The Byrd Theatre was built in 1928 in Richmond, Virginia as one of the Nation’s Grand Movie Palaces and today is both a State and National Historic landmark. The 1300-seat theater, named after William Byrd, one of the founders of Richmond, is one of the nation’s finest cinema treasures.
Unlike many opulent theaters that were built during the 1920s and 1930s in the United States, the Byrd Theatre has survived largely unaltered in appearance or function, operating almost continuously since 1928 as a movie theater. The first movie shown at the Byrd on Christmas Eve, 1928, was Waterfront, a silent movie with sound added. This was a comedy with Dorothy MacKaill and Jack Mulhall. Patrons paid 25 cents for a matinee and 50 cents for an evening movie. Today patrons pay $1.99 for a movie.
The Byrd Theatre is an architectural treasure chest adorned with paintings, marbled walls, gold leaf arches, a richly appointed mezzanine, and some of the original patterned mohair-covered seats. An 18-foot, two-and-a-half ton Czechoslovakian crystal chandelier suspended over the auditorium contains over 5,000 crystals illuminated by 500 red, blue, green and amber lights.
Built by Walter Coulter and Charles Somma, the theatre was designed in the French Empire style by Fred Bishop, a Richmond architect. The decor was by the Brunet Studios of New York.
In 1953 the original 35mm Simplex standards were replaced by the current Simplex 35mm projectors, which are still used daily. Ray Dolby, who created the Dolby sound system, toured the Byrd in 2004 and was so impressed with the theater that he donated a Dolby Digital sound system, which was installed in 2006. Just as in 1928, the Byrd has state-of-the-art sound technology.

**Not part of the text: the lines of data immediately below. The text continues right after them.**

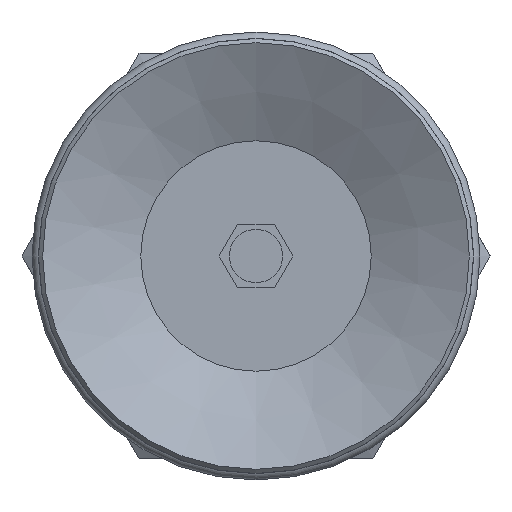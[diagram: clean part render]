
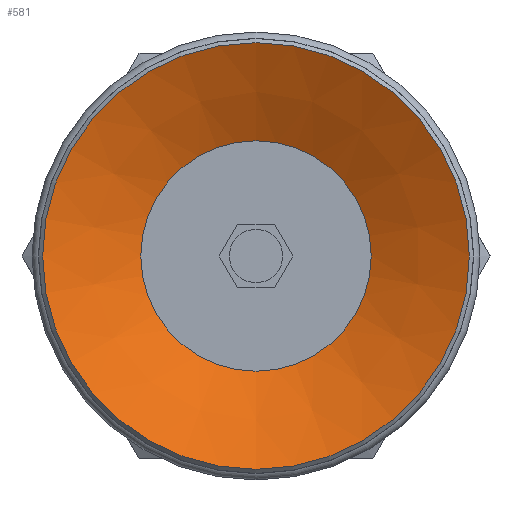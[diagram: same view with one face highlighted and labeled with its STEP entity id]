
A CAD part, front view. The second image highlights one B-rep face of the part: STEP entity #581.
In plain terms, the highlighted conical face has half-angle 63 degrees and reference radius 5.4 mm.
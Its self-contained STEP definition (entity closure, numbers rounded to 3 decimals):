
#581=ADVANCED_FACE('',(#889,#890),#891,.F.);
#889=FACE_BOUND('',#1204,.T.);
#890=FACE_OUTER_BOUND('',#1205,.T.);
#891=CONICAL_SURFACE('',#1206,5.4,1.1);
#1204=EDGE_LOOP('',(#2086));
#1205=EDGE_LOOP('',(#2087));
#1206=AXIS2_PLACEMENT_3D('',#2088,#2089,#2090);
#2086=ORIENTED_EDGE('',*,*,#2352,.F.);
#2087=ORIENTED_EDGE('',*,*,#2353,.T.);
#2088=CARTESIAN_POINT('',(0.0,5.518,0.0));
#2089=DIRECTION('',(-0.0,-1.0,0.));
#2090=DIRECTION('',(0.0,0.,-1.0));
#2352=EDGE_CURVE('',#2772,#2772,#2773,.T.);
#2353=EDGE_CURVE('',#2774,#2774,#2775,.T.);
#2772=VERTEX_POINT('',#3672);
#2773=CIRCLE('',#3673,5.4);
#2774=VERTEX_POINT('',#3674);
#2775=CIRCLE('',#3675,10.0);
#3672=CARTESIAN_POINT('',(0.0,5.518,-5.4));
#3673=AXIS2_PLACEMENT_3D('',#4042,#4043,#4044);
#3674=CARTESIAN_POINT('',(0.0,3.175,-10.0));
#3675=AXIS2_PLACEMENT_3D('',#4045,#4046,#4047);
#4042=CARTESIAN_POINT('',(0.0,5.518,0.0));
#4043=DIRECTION('',(0.0,-1.0,0.));
#4044=DIRECTION('',(0.0,0.,-1.0));
#4045=CARTESIAN_POINT('',(0.0,3.175,0.0));
#4046=DIRECTION('',(0.0,-1.0,0.));
#4047=DIRECTION('',(0.0,0.,-1.0));

The design of Grand Movie Palaces in the 1920s and l930s was reminiscent of the opulent European Opera Houses and the Byrd was no different. No expenses were spared in its design and construction with a cost of about $900,000. In today’s dollars that amounts to almost $11 million. And some architectural details simply cannot be duplicated. Sometimes in the dimly lit theatre, the delicate architectural details are easy to miss.
The murals in the lobby and alcoves were hand-painted in a New York studio. The cameos and other paintings are a mixture of acrylic and oil. Most of the largest paintings have a Greek mythology theme. The auditorium recalls a French opera house in the elegant and flamboyant Rococo style expressed in an abundance of marble, crystal, gold leaf, crimson velvet, and elaborate plaster decorations. The basic colors are amber and gold with a red velvet accent. The color scheme and detail are continued in the mezzanine and the balcony.
Along the top of the auditorium’s sidewalls in the niches are six hand-painted murals. The large murals on each side of the stage form a background to the opera-style boxes, which display a piano and harp. Everything in the Byrd Theatre is big although it may not appear that way. The two chandeliers in the alcoves are about seven feet tall while the main chandelier is 18 feet tall. The main chandelier was assembled on site. It would never fit through a door. All of the chandeliers have four light circuits, red, blue, amber and green. (The green only functions in the main chandelier) All of the other lighting in the theatre is red, blue and amber. The main lobby chandelier is over eight feet high with clear white bulbs.
The Byrd Theatre has never been remodeled with a few exceptions involving the stage area to accommodate up-to-date screens and the lobby to make room for a concession area.